◆ Exercise instructions
Leaving all pictures aside, copy exactly the lines from the start of the listing below through the line that contains "#2001 = EDGE_LOOP", and only those lines.

◆ Data provided
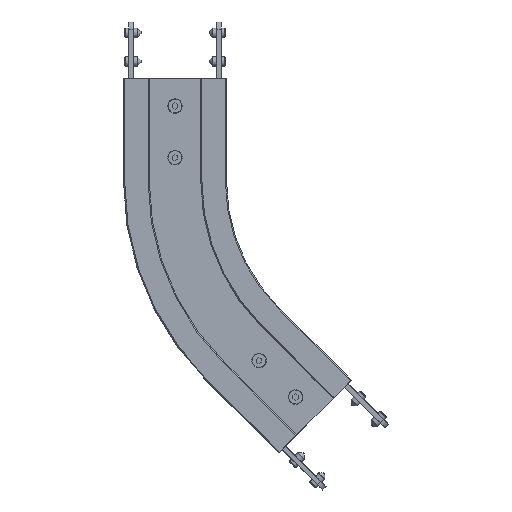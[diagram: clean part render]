
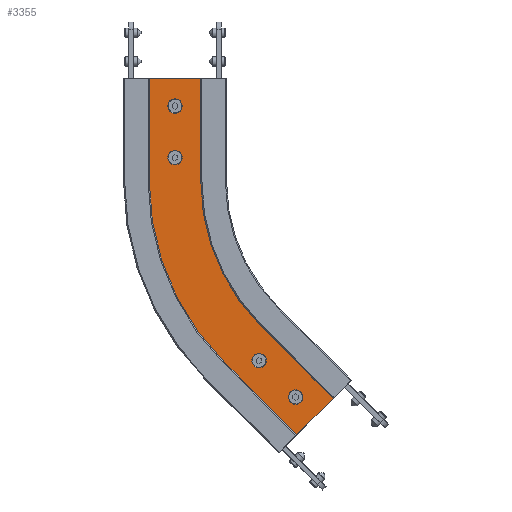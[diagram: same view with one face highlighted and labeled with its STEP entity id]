
A CAD part, front view. The second image highlights one B-rep face of the part: STEP entity #3355.
In plain terms, the highlighted planar face has unit normal (0, -1, 0) as drawn and (0, 1, 0) by its records, which use the part's own axes.
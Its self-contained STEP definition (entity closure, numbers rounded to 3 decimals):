
#4 = FACE_BOUND ( 'NONE', #12431, .T. ) ;
#6 = EDGE_CURVE ( 'NONE', #1951, #1156, #3746, .T. ) ;
#39 = DIRECTION ( 'NONE',  ( 0., 0., -1. ) ) ;
#100 = DIRECTION ( 'NONE',  ( -0.707, 0., -0.707 ) ) ;
#204 = CARTESIAN_POINT ( 'NONE',  ( 35., 10.5, -90. ) ) ;
#206 = EDGE_CURVE ( 'NONE', #6676, #8254, #11163, .T. ) ;
#276 = ORIENTED_EDGE ( 'NONE', *, *, #12566, .T. ) ;
#608 = CARTESIAN_POINT ( 'NONE',  ( 35., 10.5, 0. ) ) ;
#742 = VECTOR ( 'NONE', #5055, 1000. ) ;
#834 = VERTEX_POINT ( 'NONE', #3957 ) ;
#1019 = VECTOR ( 'NONE', #13234, 1000. ) ;
#1156 = VERTEX_POINT ( 'NONE', #5705 ) ;
#1213 = CARTESIAN_POINT ( 'NONE',  ( 0., 10.5, -30.3 ) ) ;
#1229 = CARTESIAN_POINT ( 'NONE',  ( -35., 10.5, -90. ) ) ;
#1244 = AXIS2_PLACEMENT_3D ( 'NONE', #10386, #8079, #12459 ) ;
#1376 = ORIENTED_EDGE ( 'NONE', *, *, #5056, .F. ) ;
#1407 = ORIENTED_EDGE ( 'NONE', *, *, #13705, .F. ) ;
#1532 = AXIS2_PLACEMENT_3D ( 'NONE', #8461, #2956, #11877 ) ;
#1802 = VERTEX_POINT ( 'NONE', #13603 ) ;
#1815 = LINE ( 'NONE', #12388, #9110 ) ;
#1951 = VERTEX_POINT ( 'NONE', #8105 ) ;
#2001 = EDGE_LOOP ( 'NONE', ( #2656, #1407, #4817, #6742, #276, #4806, #7712, #9579 ) ) ;
#2031 = EDGE_CURVE ( 'NONE', #12646, #8387, #13725, .T. ) ;
#2089 = FACE_BOUND ( 'NONE', #5276, .T. ) ;
#2158 = DIRECTION ( 'NONE',  ( 0., 0., 1. ) ) ;
#2258 = CARTESIAN_POINT ( 'NONE',  ( -35., 10.5, 0. ) ) ;
#2312 = EDGE_CURVE ( 'NONE', #3871, #12674, #4193, .T. ) ;
#2383 = DIRECTION ( 'NONE',  ( 0., 1., 0. ) ) ;
#2505 = DIRECTION ( 'NONE',  ( 0., 0., 1. ) ) ;
#2656 = ORIENTED_EDGE ( 'NONE', *, *, #2312, .F. ) ;
#2956 = DIRECTION ( 'NONE',  ( 0., 1., 0. ) ) ;
#2979 = EDGE_CURVE ( 'NONE', #1802, #12860, #9059, .T. ) ;
#3007 = CIRCLE ( 'NONE', #8344, 235. ) ;
#3323 = VECTOR ( 'NONE', #10451, 1000. ) ;
#3355 = ADVANCED_FACE ( 'NONE', ( #9726, #2089, #12173, #4, #5077 ), #8859, .T. ) ;
#3361 = DIRECTION ( 'NONE',  ( 0., 0., 1. ) ) ;
#3539 = ORIENTED_EDGE ( 'NONE', *, *, #9396, .F. ) ;
#3675 = ORIENTED_EDGE ( 'NONE', *, *, #2979, .F. ) ;
#3729 = CARTESIAN_POINT ( 'NONE',  ( 0., 10.5, -69. ) ) ;
#3746 = LINE ( 'NONE', #8510, #742 ) ;
#3775 = CIRCLE ( 'NONE', #4257, 6.3 ) ;
#3856 = EDGE_LOOP ( 'NONE', ( #8566, #4827 ) ) ;
#3871 = VERTEX_POINT ( 'NONE', #608 ) ;
#3957 = CARTESIAN_POINT ( 'NONE',  ( 0., 10.5, -17.7 ) ) ;
#4193 = LINE ( 'NONE', #2258, #1019 ) ;
#4230 = CARTESIAN_POINT ( 'NONE',  ( 105.248, 10.5, -284.39 ) ) ;
#4257 = AXIS2_PLACEMENT_3D ( 'NONE', #3729, #9134, #2505 ) ;
#4747 = CARTESIAN_POINT ( 'NONE',  ( 105.248, 10.5, -278.09 ) ) ;
#4806 = ORIENTED_EDGE ( 'NONE', *, *, #206, .F. ) ;
#4817 = ORIENTED_EDGE ( 'NONE', *, *, #14266, .T. ) ;
#4827 = ORIENTED_EDGE ( 'NONE', *, *, #8924, .F. ) ;
#4918 = CARTESIAN_POINT ( 'NONE',  ( -35., 10.5, 0. ) ) ;
#5055 = DIRECTION ( 'NONE',  ( 0.707, 0., -0.707 ) ) ;
#5056 = EDGE_CURVE ( 'NONE', #12001, #8397, #9162, .T. ) ;
#5077 = FACE_OUTER_BOUND ( 'NONE', #2001, .T. ) ;
#5273 = DIRECTION ( 'NONE',  ( 0., 0., 1. ) ) ;
#5276 = EDGE_LOOP ( 'NONE', ( #3539, #1376 ) ) ;
#5461 = DIRECTION ( 'NONE',  ( 0., 1., 0. ) ) ;
#5658 = CARTESIAN_POINT ( 'NONE',  ( 0., 10.5, -69. ) ) ;
#5705 = CARTESIAN_POINT ( 'NONE',  ( 146.967, 10.5, -270.312 ) ) ;
#5849 = DIRECTION ( 'NONE',  ( 0., 0., 1. ) ) ;
#6132 = LINE ( 'NONE', #204, #13053 ) ;
#6267 = AXIS2_PLACEMENT_3D ( 'NONE', #7378, #8292, #8383 ) ;
#6356 = CARTESIAN_POINT ( 'NONE',  ( 73.428, 10.5, -246.271 ) ) ;
#6497 = CARTESIAN_POINT ( 'NONE',  ( 35., 10.5, -90. ) ) ;
#6676 = VERTEX_POINT ( 'NONE', #7760 ) ;
#6742 = ORIENTED_EDGE ( 'NONE', *, *, #6, .T. ) ;
#6877 = AXIS2_PLACEMENT_3D ( 'NONE', #8843, #14352, #12215 ) ;
#6878 = CIRCLE ( 'NONE', #1244, 6.3 ) ;
#6892 = CIRCLE ( 'NONE', #1532, 6.3 ) ;
#7187 = ORIENTED_EDGE ( 'NONE', *, *, #11227, .F. ) ;
#7329 = CIRCLE ( 'NONE', #8156, 6.3 ) ;
#7378 = CARTESIAN_POINT ( 'NONE',  ( 73.428, 10.5, -246.271 ) ) ;
#7475 = LINE ( 'NONE', #9339, #3323 ) ;
#7712 = ORIENTED_EDGE ( 'NONE', *, *, #11058, .F. ) ;
#7753 = EDGE_LOOP ( 'NONE', ( #7187, #10738 ) ) ;
#7760 = CARTESIAN_POINT ( 'NONE',  ( 33.83, 10.5, -256.17 ) ) ;
#8079 = DIRECTION ( 'NONE',  ( 0., 1., 0. ) ) ;
#8105 = CARTESIAN_POINT ( 'NONE',  ( 83.327, 10.5, -206.673 ) ) ;
#8156 = AXIS2_PLACEMENT_3D ( 'NONE', #6356, #14112, #5273 ) ;
#8254 = VERTEX_POINT ( 'NONE', #11469 ) ;
#8292 = DIRECTION ( 'NONE',  ( 0., 1., 0. ) ) ;
#8344 = AXIS2_PLACEMENT_3D ( 'NONE', #9577, #11794, #9627 ) ;
#8383 = DIRECTION ( 'NONE',  ( 0., 0., 1. ) ) ;
#8387 = VERTEX_POINT ( 'NONE', #10611 ) ;
#8397 = VERTEX_POINT ( 'NONE', #13984 ) ;
#8444 = DIRECTION ( 'NONE',  ( 0.707, 0., -0.707 ) ) ;
#8461 = CARTESIAN_POINT ( 'NONE',  ( 0., 10.5, -24. ) ) ;
#8510 = CARTESIAN_POINT ( 'NONE',  ( 83.327, 10.5, -206.673 ) ) ;
#8566 = ORIENTED_EDGE ( 'NONE', *, *, #11249, .F. ) ;
#8684 = CIRCLE ( 'NONE', #12866, 165. ) ;
#8698 = CIRCLE ( 'NONE', #6877, 6.3 ) ;
#8843 = CARTESIAN_POINT ( 'NONE',  ( 0., 10.5, -24. ) ) ;
#8859 = PLANE ( 'NONE',  #9662 ) ;
#8924 = EDGE_CURVE ( 'NONE', #9226, #834, #6892, .T. ) ;
#9059 = CIRCLE ( 'NONE', #12493, 6.3 ) ;
#9110 = VECTOR ( 'NONE', #100, 1000. ) ;
#9134 = DIRECTION ( 'NONE',  ( 0., 1., 0. ) ) ;
#9162 = CIRCLE ( 'NONE', #13196, 6.3 ) ;
#9226 = VERTEX_POINT ( 'NONE', #1213 ) ;
#9323 = CARTESIAN_POINT ( 'NONE',  ( 33.83, 10.5, -256.17 ) ) ;
#9335 = EDGE_CURVE ( 'NONE', #12860, #1802, #6878, .T. ) ;
#9339 = CARTESIAN_POINT ( 'NONE',  ( -35., 10.5, -90. ) ) ;
#9396 = EDGE_CURVE ( 'NONE', #8397, #12001, #3775, .T. ) ;
#9577 = CARTESIAN_POINT ( 'NONE',  ( 200., 10.5, -90. ) ) ;
#9579 = ORIENTED_EDGE ( 'NONE', *, *, #11623, .T. ) ;
#9627 = DIRECTION ( 'NONE',  ( 0., 0., -1. ) ) ;
#9662 = AXIS2_PLACEMENT_3D ( 'NONE', #13296, #2383, #3361 ) ;
#9726 = FACE_BOUND ( 'NONE', #3856, .T. ) ;
#9940 = VECTOR ( 'NONE', #8444, 1000. ) ;
#10386 = CARTESIAN_POINT ( 'NONE',  ( 105.248, 10.5, -278.09 ) ) ;
#10451 = DIRECTION ( 'NONE',  ( 0., 0., 1. ) ) ;
#10611 = CARTESIAN_POINT ( 'NONE',  ( 73.428, 10.5, -239.971 ) ) ;
#10738 = ORIENTED_EDGE ( 'NONE', *, *, #2031, .F. ) ;
#11058 = EDGE_CURVE ( 'NONE', #11343, #6676, #3007, .T. ) ;
#11163 = LINE ( 'NONE', #9323, #9940 ) ;
#11227 = EDGE_CURVE ( 'NONE', #8387, #12646, #7329, .T. ) ;
#11249 = EDGE_CURVE ( 'NONE', #834, #9226, #8698, .T. ) ;
#11343 = VERTEX_POINT ( 'NONE', #1229 ) ;
#11420 = CARTESIAN_POINT ( 'NONE',  ( 73.428, 10.5, -252.571 ) ) ;
#11435 = DIRECTION ( 'NONE',  ( 0., 1., 0. ) ) ;
#11469 = CARTESIAN_POINT ( 'NONE',  ( 97.47, 10.5, -319.81 ) ) ;
#11623 = EDGE_CURVE ( 'NONE', #11343, #12674, #7475, .T. ) ;
#11794 = DIRECTION ( 'NONE',  ( 0., -1., 0. ) ) ;
#11877 = DIRECTION ( 'NONE',  ( 0., 0., 1. ) ) ;
#12001 = VERTEX_POINT ( 'NONE', #12510 ) ;
#12173 = FACE_BOUND ( 'NONE', #7753, .T. ) ;
#12215 = DIRECTION ( 'NONE',  ( 0., 0., 1. ) ) ;
#12340 = DIRECTION ( 'NONE',  ( 0., 0., 1. ) ) ;
#12388 = CARTESIAN_POINT ( 'NONE',  ( 97.47, 10.5, -319.81 ) ) ;
#12431 = EDGE_LOOP ( 'NONE', ( #3675, #14259 ) ) ;
#12459 = DIRECTION ( 'NONE',  ( 0., 0., 1. ) ) ;
#12493 = AXIS2_PLACEMENT_3D ( 'NONE', #4747, #11435, #5849 ) ;
#12510 = CARTESIAN_POINT ( 'NONE',  ( 0., 10.5, -75.3 ) ) ;
#12566 = EDGE_CURVE ( 'NONE', #1156, #8254, #1815, .T. ) ;
#12646 = VERTEX_POINT ( 'NONE', #11420 ) ;
#12674 = VERTEX_POINT ( 'NONE', #4918 ) ;
#12860 = VERTEX_POINT ( 'NONE', #4230 ) ;
#12866 = AXIS2_PLACEMENT_3D ( 'NONE', #13240, #13335, #39 ) ;
#13053 = VECTOR ( 'NONE', #12340, 1000. ) ;
#13196 = AXIS2_PLACEMENT_3D ( 'NONE', #5658, #5461, #2158 ) ;
#13234 = DIRECTION ( 'NONE',  ( -1., 0., 0. ) ) ;
#13240 = CARTESIAN_POINT ( 'NONE',  ( 200., 10.5, -90. ) ) ;
#13296 = CARTESIAN_POINT ( 'NONE',  ( -35., 10.5, -90. ) ) ;
#13335 = DIRECTION ( 'NONE',  ( 0., -1., 0. ) ) ;
#13603 = CARTESIAN_POINT ( 'NONE',  ( 105.248, 10.5, -271.79 ) ) ;
#13705 = EDGE_CURVE ( 'NONE', #14152, #3871, #6132, .T. ) ;
#13725 = CIRCLE ( 'NONE', #6267, 6.3 ) ;
#13984 = CARTESIAN_POINT ( 'NONE',  ( 0., 10.5, -62.7 ) ) ;
#14112 = DIRECTION ( 'NONE',  ( 0., 1., 0. ) ) ;
#14152 = VERTEX_POINT ( 'NONE', #6497 ) ;
#14259 = ORIENTED_EDGE ( 'NONE', *, *, #9335, .F. ) ;
#14266 = EDGE_CURVE ( 'NONE', #14152, #1951, #8684, .T. ) ;
#14352 = DIRECTION ( 'NONE',  ( 0., 1., 0. ) ) ;

◆ Response below
[diagram: clean part render]
[diagram: same view with one face highlighted and labeled with its STEP entity id]
A CAD part, front view. The second image highlights one B-rep face of the part: STEP entity #3355.
In plain terms, the highlighted planar face has unit normal (0, -1, 0) as drawn and (0, 1, 0) by its records, which use the part's own axes.
Its self-contained STEP definition (entity closure, numbers rounded to 3 decimals):
#4 = FACE_BOUND ( 'NONE', #12431, .T. ) ;
#6 = EDGE_CURVE ( 'NONE', #1951, #1156, #3746, .T. ) ;
#39 = DIRECTION ( 'NONE',  ( 0., 0., -1. ) ) ;
#100 = DIRECTION ( 'NONE',  ( -0.707, 0., -0.707 ) ) ;
#204 = CARTESIAN_POINT ( 'NONE',  ( 35., 10.5, -90. ) ) ;
#206 = EDGE_CURVE ( 'NONE', #6676, #8254, #11163, .T. ) ;
#276 = ORIENTED_EDGE ( 'NONE', *, *, #12566, .T. ) ;
#608 = CARTESIAN_POINT ( 'NONE',  ( 35., 10.5, 0. ) ) ;
#742 = VECTOR ( 'NONE', #5055, 1000. ) ;
#834 = VERTEX_POINT ( 'NONE', #3957 ) ;
#1019 = VECTOR ( 'NONE', #13234, 1000. ) ;
#1156 = VERTEX_POINT ( 'NONE', #5705 ) ;
#1213 = CARTESIAN_POINT ( 'NONE',  ( 0., 10.5, -30.3 ) ) ;
#1229 = CARTESIAN_POINT ( 'NONE',  ( -35., 10.5, -90. ) ) ;
#1244 = AXIS2_PLACEMENT_3D ( 'NONE', #10386, #8079, #12459 ) ;
#1376 = ORIENTED_EDGE ( 'NONE', *, *, #5056, .F. ) ;
#1407 = ORIENTED_EDGE ( 'NONE', *, *, #13705, .F. ) ;
#1532 = AXIS2_PLACEMENT_3D ( 'NONE', #8461, #2956, #11877 ) ;
#1802 = VERTEX_POINT ( 'NONE', #13603 ) ;
#1815 = LINE ( 'NONE', #12388, #9110 ) ;
#1951 = VERTEX_POINT ( 'NONE', #8105 ) ;
#2001 = EDGE_LOOP ( 'NONE', ( #2656, #1407, #4817, #6742, #276, #4806, #7712, #9579 ) ) ;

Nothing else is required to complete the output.